------ RECORDS ------

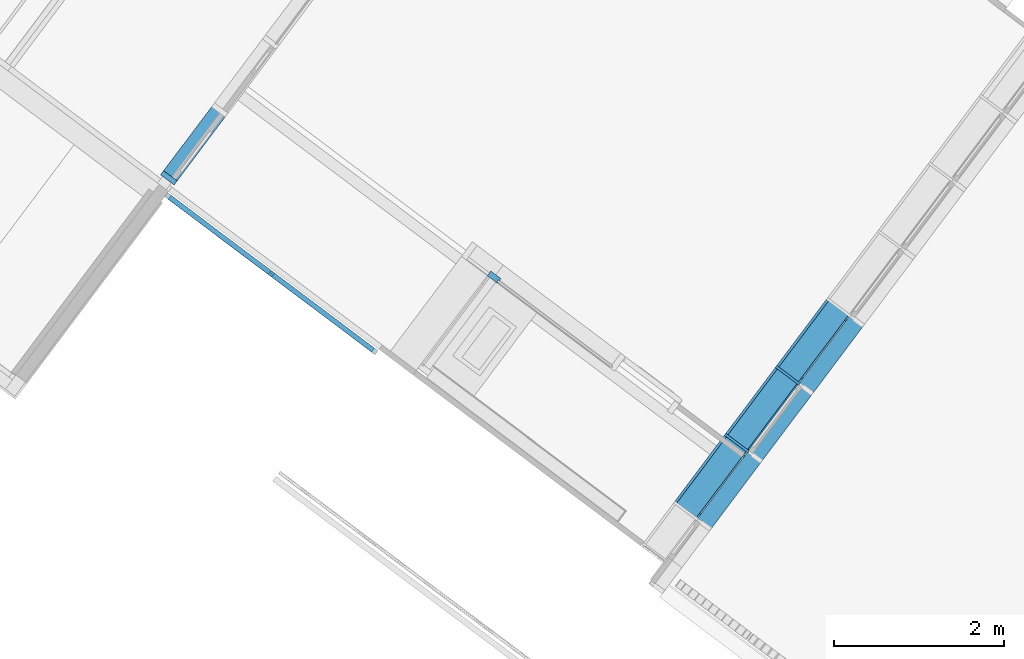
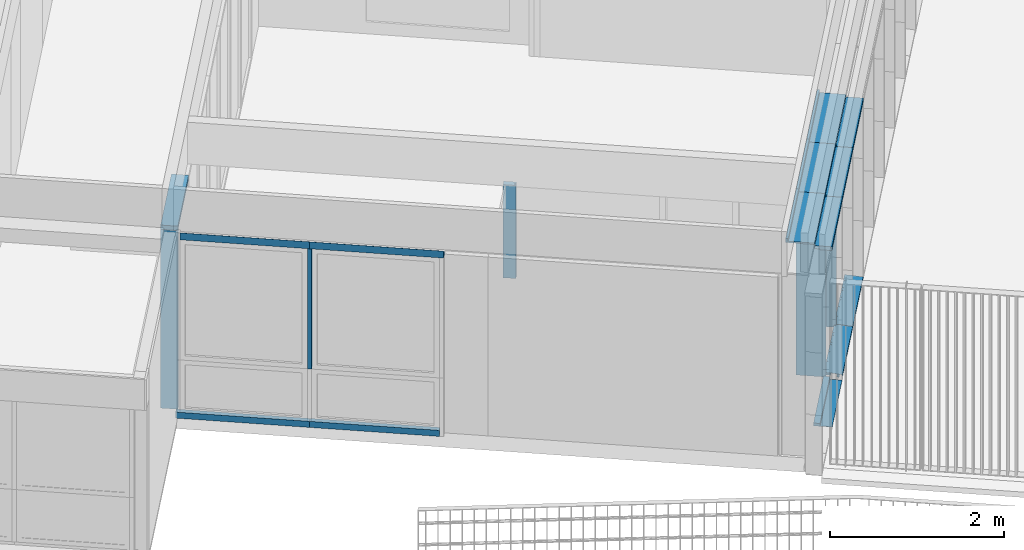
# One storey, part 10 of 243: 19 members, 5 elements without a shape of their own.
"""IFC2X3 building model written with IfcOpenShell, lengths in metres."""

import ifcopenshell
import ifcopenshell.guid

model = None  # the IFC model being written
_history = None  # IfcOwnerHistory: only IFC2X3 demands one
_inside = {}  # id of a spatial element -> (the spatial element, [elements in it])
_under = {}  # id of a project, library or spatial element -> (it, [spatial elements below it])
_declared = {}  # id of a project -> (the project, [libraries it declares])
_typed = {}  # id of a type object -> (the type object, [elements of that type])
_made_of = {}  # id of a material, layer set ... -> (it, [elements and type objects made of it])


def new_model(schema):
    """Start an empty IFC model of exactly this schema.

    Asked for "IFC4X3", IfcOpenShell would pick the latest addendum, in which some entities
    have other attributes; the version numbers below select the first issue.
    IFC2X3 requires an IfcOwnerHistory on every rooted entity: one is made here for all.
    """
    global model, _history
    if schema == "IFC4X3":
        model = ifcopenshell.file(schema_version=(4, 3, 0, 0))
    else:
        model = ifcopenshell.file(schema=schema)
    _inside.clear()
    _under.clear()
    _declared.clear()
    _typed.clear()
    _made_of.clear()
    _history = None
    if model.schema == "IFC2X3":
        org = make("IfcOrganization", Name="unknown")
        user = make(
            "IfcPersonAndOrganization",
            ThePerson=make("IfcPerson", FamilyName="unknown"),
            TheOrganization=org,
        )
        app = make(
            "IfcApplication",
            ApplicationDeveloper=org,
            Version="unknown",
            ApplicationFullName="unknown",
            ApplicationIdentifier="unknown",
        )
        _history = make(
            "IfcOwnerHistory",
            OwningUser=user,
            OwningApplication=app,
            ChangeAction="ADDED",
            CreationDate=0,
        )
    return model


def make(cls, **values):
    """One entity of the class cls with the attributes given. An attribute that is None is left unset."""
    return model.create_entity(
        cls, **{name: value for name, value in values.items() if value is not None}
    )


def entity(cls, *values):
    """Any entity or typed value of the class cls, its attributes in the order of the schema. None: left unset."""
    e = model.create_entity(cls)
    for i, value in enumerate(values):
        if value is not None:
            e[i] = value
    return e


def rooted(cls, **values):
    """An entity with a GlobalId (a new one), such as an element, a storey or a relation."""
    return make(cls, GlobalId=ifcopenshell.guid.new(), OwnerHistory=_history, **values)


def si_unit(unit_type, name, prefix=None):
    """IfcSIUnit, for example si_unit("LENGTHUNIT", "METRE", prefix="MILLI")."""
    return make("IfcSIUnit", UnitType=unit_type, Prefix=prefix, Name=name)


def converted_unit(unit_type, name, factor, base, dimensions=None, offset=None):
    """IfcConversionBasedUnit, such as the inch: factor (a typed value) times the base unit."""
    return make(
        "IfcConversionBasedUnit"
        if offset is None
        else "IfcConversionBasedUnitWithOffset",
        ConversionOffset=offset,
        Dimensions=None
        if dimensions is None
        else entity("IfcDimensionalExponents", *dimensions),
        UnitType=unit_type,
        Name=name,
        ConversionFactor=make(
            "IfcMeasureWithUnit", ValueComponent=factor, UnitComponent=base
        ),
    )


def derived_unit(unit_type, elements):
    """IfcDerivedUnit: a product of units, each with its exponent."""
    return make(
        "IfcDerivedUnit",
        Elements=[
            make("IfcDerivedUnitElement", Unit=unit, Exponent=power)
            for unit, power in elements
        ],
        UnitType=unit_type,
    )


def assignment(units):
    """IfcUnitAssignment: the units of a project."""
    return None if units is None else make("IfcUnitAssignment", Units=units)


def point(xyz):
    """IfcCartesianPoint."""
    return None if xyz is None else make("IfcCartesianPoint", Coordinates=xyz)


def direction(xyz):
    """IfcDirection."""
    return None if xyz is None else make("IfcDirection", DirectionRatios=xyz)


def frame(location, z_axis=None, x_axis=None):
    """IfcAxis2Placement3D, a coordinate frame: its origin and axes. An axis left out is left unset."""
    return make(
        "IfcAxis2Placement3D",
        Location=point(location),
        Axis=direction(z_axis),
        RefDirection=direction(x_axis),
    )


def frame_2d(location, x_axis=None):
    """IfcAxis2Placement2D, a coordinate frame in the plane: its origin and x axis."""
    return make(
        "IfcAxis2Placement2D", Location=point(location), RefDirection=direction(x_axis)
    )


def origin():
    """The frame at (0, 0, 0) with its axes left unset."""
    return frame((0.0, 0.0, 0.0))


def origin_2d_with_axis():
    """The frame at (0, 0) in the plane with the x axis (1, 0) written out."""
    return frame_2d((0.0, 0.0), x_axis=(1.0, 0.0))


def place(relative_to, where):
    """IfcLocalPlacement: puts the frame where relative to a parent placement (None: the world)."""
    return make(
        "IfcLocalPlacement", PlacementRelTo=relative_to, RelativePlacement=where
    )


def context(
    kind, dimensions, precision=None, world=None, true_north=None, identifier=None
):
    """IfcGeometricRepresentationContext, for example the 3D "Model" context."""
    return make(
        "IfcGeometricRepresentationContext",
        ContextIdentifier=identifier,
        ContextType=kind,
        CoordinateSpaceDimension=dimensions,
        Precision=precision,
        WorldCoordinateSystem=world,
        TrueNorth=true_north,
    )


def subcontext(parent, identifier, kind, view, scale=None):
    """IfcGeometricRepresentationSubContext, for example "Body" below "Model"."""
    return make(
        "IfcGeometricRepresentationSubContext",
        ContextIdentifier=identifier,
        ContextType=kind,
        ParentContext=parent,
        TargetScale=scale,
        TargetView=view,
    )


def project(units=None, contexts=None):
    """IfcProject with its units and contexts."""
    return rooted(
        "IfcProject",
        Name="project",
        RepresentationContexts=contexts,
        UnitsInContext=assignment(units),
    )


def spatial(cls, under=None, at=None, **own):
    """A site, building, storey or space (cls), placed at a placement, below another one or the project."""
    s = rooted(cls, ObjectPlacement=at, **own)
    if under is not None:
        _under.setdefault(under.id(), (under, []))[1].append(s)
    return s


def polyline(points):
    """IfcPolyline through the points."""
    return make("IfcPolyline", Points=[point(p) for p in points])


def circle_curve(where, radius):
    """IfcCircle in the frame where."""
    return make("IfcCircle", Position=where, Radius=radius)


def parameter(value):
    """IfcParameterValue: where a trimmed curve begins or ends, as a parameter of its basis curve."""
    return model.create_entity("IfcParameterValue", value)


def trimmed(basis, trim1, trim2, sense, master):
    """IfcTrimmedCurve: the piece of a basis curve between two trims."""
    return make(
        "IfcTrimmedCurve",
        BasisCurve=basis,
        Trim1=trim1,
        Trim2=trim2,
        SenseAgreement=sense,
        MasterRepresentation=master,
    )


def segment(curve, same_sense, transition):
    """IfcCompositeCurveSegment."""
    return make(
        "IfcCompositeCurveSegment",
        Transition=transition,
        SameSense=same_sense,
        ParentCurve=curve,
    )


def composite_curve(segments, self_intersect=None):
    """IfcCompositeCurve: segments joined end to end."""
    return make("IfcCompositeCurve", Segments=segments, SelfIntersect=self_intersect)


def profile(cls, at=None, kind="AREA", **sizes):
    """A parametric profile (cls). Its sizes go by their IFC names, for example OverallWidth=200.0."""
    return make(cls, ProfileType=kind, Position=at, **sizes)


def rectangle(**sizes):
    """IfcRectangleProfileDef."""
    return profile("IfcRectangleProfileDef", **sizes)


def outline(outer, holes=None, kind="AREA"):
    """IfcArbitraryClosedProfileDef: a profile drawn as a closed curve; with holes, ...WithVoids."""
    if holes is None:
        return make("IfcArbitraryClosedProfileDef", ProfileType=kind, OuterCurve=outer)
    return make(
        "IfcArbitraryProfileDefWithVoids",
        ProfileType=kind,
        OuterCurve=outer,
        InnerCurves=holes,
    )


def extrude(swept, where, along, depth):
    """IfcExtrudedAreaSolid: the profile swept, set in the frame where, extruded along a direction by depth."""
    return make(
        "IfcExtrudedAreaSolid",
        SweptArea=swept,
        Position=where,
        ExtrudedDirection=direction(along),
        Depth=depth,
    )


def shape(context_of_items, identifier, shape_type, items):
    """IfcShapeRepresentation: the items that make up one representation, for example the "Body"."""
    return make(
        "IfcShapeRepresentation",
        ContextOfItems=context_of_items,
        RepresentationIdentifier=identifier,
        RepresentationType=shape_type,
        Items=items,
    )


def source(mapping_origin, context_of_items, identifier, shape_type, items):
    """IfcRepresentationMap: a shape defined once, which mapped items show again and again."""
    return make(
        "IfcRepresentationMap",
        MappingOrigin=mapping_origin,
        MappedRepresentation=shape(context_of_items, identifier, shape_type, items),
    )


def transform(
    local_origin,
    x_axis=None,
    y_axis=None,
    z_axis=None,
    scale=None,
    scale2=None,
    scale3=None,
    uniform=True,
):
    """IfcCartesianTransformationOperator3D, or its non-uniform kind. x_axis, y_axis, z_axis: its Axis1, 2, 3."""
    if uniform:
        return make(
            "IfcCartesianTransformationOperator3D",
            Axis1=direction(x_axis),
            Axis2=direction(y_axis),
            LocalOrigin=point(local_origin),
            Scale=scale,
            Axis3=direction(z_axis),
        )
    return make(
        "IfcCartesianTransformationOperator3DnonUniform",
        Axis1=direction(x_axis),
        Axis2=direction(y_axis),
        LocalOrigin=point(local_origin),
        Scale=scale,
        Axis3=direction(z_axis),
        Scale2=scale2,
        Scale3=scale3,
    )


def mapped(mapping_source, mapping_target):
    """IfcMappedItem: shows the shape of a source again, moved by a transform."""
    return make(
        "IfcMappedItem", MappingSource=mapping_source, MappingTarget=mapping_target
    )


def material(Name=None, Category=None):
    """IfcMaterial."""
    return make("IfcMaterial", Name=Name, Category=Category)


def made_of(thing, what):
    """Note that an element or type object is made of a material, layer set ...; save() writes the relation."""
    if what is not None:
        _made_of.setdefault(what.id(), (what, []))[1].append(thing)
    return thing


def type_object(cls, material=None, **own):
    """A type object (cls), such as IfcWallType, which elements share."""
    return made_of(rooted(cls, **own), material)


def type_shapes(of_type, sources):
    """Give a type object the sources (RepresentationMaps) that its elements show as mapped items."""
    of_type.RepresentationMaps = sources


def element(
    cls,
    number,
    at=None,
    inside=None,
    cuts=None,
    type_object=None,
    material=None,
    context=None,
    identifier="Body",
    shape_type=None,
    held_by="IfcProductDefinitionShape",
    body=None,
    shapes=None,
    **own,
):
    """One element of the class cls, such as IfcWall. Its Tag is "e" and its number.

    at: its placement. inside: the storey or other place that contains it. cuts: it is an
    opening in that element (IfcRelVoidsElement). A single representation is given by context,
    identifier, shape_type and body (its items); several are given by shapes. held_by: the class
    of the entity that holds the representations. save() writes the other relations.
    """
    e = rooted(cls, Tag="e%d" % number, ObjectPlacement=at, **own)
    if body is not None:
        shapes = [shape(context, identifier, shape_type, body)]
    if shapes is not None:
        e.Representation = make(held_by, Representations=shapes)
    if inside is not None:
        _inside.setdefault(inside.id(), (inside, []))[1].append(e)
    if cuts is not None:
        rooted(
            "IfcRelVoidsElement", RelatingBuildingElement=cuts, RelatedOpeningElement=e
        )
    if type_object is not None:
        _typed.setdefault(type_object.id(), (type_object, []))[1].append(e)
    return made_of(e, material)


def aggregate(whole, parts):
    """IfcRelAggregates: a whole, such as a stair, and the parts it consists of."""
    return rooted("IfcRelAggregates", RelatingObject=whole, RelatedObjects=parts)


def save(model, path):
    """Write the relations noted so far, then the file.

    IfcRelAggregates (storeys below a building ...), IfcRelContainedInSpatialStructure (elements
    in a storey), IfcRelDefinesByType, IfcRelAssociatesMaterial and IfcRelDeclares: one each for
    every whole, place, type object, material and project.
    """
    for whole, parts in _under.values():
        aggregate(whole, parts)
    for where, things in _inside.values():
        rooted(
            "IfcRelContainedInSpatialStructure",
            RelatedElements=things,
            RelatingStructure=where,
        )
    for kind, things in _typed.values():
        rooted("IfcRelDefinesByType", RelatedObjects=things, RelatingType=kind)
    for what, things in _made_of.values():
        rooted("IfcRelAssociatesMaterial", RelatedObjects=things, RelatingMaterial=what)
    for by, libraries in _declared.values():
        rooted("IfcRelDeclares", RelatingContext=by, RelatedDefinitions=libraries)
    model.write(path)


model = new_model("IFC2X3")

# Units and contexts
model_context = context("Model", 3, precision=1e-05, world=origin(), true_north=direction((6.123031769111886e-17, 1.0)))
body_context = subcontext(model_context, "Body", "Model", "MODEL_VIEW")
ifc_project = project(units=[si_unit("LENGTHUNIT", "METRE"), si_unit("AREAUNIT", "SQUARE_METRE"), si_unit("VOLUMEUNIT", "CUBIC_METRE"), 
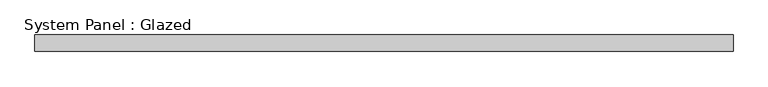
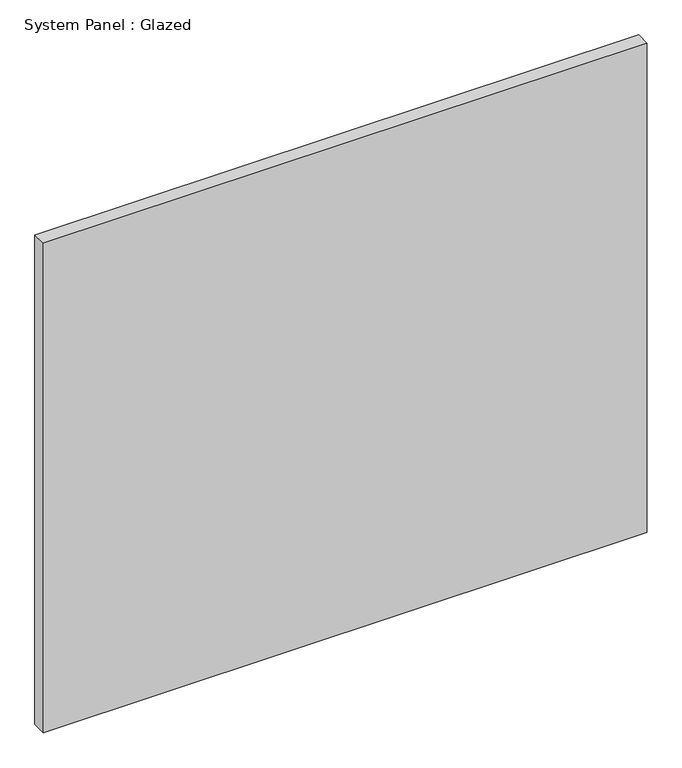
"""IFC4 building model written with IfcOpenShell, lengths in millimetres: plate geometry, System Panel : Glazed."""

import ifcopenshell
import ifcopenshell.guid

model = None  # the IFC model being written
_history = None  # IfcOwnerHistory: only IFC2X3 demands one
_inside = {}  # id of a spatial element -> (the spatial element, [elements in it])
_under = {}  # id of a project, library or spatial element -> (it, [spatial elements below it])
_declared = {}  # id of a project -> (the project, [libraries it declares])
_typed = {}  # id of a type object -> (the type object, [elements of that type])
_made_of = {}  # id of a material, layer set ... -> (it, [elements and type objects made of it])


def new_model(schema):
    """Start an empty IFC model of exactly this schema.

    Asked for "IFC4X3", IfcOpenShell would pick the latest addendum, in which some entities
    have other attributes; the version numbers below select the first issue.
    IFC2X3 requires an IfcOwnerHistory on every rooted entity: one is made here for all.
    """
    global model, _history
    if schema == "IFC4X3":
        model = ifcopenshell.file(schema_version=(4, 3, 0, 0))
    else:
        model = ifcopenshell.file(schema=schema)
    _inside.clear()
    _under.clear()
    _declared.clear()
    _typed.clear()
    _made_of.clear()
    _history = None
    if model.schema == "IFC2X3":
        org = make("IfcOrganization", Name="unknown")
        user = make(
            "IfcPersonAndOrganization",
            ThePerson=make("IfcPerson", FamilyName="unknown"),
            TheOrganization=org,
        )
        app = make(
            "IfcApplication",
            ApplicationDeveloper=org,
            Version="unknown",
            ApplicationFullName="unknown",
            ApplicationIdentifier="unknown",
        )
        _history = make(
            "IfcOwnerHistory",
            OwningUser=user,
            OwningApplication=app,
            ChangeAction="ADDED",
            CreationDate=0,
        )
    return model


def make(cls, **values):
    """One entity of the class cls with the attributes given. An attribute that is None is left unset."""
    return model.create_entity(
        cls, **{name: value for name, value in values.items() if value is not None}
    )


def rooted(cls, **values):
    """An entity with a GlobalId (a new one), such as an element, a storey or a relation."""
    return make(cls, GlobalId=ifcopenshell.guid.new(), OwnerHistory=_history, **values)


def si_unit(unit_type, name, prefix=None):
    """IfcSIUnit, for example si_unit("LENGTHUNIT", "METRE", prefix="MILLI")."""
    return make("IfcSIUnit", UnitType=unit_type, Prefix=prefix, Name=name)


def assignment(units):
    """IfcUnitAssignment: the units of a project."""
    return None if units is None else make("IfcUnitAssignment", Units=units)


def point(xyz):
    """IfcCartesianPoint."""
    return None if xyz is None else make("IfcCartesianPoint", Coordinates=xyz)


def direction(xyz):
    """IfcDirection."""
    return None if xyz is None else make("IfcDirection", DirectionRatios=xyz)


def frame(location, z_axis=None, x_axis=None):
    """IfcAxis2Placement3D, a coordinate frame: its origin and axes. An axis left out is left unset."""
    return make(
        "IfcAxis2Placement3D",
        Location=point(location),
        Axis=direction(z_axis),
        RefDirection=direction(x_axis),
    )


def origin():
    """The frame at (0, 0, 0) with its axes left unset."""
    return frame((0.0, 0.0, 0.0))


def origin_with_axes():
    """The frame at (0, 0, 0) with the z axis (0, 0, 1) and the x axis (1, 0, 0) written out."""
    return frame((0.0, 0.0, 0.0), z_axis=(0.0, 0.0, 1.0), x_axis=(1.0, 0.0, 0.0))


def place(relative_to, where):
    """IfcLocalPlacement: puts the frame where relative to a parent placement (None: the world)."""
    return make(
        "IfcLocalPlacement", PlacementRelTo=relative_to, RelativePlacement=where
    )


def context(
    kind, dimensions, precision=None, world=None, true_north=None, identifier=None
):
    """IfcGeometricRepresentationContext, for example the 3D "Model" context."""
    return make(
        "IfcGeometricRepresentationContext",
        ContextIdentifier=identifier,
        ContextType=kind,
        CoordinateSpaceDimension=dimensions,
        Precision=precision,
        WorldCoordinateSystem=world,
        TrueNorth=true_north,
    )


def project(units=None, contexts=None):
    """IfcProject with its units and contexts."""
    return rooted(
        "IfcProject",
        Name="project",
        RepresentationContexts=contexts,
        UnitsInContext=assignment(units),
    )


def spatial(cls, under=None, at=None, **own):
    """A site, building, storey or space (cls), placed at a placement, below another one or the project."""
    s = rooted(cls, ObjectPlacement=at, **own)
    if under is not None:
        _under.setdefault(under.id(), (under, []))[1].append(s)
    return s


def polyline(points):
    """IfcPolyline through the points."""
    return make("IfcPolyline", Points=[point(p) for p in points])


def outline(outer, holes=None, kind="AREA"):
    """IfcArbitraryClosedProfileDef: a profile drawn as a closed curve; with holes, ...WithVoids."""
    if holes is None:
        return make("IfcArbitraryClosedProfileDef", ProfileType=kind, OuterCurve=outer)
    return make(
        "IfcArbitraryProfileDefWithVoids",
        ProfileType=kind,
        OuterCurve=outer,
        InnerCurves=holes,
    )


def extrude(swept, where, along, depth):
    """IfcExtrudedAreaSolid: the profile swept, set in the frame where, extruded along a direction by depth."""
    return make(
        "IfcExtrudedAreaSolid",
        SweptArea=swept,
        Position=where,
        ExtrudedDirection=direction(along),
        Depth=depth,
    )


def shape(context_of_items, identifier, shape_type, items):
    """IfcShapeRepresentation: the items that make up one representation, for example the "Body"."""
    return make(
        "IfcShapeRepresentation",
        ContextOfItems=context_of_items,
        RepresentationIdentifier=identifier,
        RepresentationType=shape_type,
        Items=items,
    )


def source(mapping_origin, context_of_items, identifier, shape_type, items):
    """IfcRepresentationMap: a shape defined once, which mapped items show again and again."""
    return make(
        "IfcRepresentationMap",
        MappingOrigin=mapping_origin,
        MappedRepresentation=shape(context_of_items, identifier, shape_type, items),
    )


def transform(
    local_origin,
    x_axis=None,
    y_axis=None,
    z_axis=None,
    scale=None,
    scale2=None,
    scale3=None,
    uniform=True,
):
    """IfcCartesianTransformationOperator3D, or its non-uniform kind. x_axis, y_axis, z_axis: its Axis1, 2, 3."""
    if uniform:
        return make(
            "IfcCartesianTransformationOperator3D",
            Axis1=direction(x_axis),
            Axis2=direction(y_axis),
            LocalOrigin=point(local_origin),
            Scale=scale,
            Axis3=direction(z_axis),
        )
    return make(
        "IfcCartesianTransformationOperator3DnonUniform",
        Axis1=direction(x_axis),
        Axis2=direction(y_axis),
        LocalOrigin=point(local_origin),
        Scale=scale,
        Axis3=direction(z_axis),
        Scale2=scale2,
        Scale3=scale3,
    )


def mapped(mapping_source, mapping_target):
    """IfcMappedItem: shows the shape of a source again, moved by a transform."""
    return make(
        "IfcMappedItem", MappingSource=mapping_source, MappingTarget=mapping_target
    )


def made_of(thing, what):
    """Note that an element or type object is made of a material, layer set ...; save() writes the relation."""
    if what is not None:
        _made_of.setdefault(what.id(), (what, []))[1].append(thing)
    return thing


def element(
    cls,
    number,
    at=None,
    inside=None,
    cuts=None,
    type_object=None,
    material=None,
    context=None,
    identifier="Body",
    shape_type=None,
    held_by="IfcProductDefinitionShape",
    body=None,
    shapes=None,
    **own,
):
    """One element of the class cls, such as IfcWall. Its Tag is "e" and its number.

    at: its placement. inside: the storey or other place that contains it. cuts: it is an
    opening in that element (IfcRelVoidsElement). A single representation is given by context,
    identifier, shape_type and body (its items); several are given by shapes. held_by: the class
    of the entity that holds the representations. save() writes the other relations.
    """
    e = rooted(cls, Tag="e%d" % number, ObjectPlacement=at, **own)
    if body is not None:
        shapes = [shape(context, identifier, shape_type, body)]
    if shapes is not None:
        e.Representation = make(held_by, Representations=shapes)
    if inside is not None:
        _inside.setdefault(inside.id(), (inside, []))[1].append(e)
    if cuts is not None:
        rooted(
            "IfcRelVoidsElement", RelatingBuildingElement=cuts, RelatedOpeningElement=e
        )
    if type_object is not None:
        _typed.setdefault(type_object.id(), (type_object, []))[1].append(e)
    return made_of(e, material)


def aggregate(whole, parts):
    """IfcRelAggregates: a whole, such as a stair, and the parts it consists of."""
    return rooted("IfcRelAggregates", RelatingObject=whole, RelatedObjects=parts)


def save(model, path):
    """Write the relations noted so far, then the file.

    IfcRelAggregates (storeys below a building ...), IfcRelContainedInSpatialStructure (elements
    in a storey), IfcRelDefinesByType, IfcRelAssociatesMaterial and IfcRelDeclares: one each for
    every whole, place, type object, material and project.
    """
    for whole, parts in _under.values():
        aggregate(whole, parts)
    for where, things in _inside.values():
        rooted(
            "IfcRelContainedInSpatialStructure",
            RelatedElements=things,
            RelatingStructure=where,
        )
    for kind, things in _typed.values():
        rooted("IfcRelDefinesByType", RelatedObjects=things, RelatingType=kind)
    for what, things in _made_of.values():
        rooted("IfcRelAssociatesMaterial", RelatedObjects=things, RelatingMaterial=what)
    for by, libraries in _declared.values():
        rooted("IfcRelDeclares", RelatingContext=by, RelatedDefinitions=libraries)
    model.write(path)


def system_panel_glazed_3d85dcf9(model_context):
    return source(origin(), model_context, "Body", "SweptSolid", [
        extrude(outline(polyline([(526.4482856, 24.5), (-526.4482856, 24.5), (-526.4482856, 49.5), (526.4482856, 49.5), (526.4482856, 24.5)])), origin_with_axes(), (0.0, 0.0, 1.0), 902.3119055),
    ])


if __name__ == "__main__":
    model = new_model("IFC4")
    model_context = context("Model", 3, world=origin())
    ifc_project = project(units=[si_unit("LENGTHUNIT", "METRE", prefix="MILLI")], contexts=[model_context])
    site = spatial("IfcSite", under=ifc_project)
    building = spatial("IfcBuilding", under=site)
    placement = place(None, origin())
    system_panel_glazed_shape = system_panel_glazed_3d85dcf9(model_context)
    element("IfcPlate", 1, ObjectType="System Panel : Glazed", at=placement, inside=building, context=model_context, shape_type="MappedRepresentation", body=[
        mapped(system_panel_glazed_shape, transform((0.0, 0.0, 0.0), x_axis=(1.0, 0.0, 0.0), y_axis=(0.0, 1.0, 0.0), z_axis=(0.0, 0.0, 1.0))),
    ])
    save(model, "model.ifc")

------

__ABOUT THIS EXERCISE__:
Each line of the entries above that contains "IfcGeometricRepresentationSubContext" must be copied into the answer.

__SOLUTION TO THIS PROBLEM__:
    """IfcGeometricRepresentationSubContext, for example "Body" below "Model"."""
        "IfcGeometricRepresentationSubContext",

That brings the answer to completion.